There is an optimal point for the percentage of available credit you use. Who could possibly know that point, when the algorithms are various and changing?
Inquiries Can be Hard or Soft
Another fairly widely-known fact about credit scores is that your score can get dinged or bumped just because somebody inquired about your rating. But did you know there’s more than one kind of credit inquiry? Or that the kind of inquiry can precipitate a different effect on your score?
First of all, the frequency of credit inquiries is a vital statistic. The more often companies inquire about your score, the more the negative effect it has on that score. The rationale is something like this: “If they are applying to these many sources, or this often, then what else might they be taking on?” So even without adding to indebtedness, just applying too often can have a negative influence.
And the inquiries themselves can be seen by the credit rating agencies as either “hard” or “soft.” Theoretically, a “soft pull” is a credit inquiry that is just to ascertain the current status of an existing borrower. A “hard pull” is a credit inquiry placed for the purpose of actually securing a new loan. A “hard pull” affects your credit rating noticeably because it anticipates adding debt.
Complications arise even here, because lenders have been known to treat even their own mid-loan status inquiries as a “hard pull,” even though they have every reason to know better.
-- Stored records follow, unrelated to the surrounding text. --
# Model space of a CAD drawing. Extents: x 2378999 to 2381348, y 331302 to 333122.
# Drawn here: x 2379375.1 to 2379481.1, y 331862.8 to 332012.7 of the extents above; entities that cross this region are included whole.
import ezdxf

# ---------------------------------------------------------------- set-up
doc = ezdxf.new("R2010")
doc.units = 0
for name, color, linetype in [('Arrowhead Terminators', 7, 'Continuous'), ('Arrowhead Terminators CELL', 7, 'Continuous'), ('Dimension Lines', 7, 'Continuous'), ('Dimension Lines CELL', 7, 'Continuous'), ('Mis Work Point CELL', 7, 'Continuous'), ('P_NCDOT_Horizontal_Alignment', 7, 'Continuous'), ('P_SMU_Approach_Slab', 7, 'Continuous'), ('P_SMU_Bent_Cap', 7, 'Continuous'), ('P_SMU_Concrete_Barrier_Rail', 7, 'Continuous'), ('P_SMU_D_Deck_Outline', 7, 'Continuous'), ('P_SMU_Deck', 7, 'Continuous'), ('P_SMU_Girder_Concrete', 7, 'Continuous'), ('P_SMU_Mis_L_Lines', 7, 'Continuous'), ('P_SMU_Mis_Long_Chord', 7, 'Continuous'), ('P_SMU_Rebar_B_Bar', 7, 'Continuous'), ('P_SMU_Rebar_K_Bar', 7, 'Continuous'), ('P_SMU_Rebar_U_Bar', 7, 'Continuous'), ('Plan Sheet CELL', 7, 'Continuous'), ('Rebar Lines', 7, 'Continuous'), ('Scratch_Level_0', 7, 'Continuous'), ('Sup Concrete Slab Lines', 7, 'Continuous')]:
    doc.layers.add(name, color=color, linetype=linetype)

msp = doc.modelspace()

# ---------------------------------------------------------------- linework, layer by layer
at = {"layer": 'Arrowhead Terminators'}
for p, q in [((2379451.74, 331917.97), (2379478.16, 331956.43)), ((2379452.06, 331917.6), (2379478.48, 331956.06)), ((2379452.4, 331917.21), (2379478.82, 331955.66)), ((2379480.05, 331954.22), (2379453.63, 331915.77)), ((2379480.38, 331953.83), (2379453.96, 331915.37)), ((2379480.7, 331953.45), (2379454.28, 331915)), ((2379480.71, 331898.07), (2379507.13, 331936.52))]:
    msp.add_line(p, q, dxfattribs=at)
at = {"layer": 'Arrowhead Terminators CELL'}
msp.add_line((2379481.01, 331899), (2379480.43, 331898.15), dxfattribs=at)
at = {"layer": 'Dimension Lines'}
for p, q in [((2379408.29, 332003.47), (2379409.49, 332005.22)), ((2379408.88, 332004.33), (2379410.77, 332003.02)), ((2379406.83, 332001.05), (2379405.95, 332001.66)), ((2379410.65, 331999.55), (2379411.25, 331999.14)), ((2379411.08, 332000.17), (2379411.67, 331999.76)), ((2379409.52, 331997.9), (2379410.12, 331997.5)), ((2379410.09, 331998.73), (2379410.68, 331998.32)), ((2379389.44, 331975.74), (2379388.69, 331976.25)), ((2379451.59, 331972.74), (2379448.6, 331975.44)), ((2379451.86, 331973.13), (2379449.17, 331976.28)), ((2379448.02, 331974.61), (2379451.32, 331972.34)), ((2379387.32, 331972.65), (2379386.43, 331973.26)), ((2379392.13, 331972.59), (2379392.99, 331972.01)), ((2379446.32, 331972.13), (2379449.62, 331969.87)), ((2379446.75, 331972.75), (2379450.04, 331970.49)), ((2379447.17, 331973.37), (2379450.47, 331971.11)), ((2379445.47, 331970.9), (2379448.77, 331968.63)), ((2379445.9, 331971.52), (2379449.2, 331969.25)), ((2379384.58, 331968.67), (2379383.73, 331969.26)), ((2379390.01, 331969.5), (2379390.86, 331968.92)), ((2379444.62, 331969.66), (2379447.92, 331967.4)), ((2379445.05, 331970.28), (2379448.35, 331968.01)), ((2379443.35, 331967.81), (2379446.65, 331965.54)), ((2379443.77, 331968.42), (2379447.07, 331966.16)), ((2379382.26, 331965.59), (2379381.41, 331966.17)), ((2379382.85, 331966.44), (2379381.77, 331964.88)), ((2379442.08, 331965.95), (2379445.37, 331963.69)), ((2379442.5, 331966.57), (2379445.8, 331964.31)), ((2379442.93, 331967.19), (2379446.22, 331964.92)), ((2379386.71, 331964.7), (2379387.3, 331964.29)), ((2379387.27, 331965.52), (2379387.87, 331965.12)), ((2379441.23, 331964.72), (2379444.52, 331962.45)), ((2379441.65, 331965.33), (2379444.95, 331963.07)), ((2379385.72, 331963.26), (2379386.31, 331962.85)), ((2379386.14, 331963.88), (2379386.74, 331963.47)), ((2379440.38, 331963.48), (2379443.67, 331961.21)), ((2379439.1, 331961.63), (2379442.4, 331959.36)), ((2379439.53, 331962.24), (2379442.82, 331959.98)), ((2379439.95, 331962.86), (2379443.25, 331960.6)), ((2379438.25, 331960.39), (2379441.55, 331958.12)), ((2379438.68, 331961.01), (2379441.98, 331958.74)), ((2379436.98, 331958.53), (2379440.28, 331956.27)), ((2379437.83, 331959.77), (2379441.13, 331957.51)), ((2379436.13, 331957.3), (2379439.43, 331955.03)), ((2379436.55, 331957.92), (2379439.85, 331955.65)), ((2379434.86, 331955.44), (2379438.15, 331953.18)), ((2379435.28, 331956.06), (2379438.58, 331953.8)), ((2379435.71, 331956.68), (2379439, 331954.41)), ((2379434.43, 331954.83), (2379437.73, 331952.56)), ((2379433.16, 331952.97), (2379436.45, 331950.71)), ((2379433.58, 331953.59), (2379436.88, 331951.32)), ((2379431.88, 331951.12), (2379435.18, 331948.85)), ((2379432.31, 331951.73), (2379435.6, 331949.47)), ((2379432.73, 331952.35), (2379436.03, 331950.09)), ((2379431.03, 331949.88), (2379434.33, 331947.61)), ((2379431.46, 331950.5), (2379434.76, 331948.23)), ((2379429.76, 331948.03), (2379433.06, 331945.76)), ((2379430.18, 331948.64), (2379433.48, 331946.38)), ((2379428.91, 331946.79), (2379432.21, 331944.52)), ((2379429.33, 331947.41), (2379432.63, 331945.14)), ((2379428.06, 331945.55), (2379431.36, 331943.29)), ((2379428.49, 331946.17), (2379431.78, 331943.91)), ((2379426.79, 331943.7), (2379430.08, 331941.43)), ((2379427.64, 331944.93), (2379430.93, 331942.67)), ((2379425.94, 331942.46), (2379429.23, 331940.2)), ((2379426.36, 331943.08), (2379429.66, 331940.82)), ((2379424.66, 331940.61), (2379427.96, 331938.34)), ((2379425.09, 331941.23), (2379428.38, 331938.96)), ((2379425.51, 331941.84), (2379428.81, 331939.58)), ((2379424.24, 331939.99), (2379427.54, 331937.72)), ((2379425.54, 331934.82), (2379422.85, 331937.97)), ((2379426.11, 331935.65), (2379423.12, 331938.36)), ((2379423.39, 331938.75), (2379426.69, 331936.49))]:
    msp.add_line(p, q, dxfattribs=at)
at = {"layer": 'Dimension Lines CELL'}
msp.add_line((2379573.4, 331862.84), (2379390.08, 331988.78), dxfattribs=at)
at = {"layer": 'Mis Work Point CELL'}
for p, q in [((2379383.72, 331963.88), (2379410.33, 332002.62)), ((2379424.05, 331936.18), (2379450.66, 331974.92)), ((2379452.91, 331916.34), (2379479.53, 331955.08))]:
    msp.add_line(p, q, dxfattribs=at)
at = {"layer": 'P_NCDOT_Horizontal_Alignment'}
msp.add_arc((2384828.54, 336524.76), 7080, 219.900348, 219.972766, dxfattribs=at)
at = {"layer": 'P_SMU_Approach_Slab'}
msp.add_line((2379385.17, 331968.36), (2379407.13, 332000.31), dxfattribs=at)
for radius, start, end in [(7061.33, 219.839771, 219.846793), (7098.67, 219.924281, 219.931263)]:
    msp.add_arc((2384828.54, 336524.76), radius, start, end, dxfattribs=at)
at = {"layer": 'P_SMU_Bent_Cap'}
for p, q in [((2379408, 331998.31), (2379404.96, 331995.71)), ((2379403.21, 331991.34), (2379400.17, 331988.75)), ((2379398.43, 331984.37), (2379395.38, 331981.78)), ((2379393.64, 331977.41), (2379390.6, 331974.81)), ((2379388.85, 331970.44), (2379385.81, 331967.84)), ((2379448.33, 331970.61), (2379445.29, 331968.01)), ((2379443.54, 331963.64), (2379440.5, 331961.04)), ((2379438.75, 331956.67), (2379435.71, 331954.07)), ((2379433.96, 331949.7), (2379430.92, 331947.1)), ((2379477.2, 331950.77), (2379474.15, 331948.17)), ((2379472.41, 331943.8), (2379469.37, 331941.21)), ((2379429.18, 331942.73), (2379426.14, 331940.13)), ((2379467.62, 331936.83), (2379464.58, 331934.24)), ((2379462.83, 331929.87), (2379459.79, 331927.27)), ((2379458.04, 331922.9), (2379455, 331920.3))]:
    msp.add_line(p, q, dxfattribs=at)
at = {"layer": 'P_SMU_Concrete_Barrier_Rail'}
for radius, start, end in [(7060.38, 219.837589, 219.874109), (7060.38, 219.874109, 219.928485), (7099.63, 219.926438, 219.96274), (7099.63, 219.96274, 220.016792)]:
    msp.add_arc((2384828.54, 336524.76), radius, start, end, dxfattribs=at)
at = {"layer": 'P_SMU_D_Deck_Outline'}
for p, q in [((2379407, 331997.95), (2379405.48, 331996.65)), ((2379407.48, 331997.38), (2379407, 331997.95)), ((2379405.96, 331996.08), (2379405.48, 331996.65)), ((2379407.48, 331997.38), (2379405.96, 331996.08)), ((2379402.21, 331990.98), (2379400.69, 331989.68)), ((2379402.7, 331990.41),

Why? Because the ding that a hard pull enacts on your credit rating may drive up the APR, they are entitled to charge you.
How to even notice this, much less avoid it, is one indication of why professional assistance is called for, if you want to be sure you’re getting the best credit available to you.
The obscure knowledge required to perform this credit-optimizing function reminds us sometimes of a movie scene in which a business manager is pitching his services to a rock-and-roll band: “Do you know how to play Cleveland without paying for the ice under the arena floor?” These complications may not be fair, but they are facts of life in business.
What You Can Do
There are just four key things a business owner can do without professional help to get on a good footing with regard to his or her credit rating.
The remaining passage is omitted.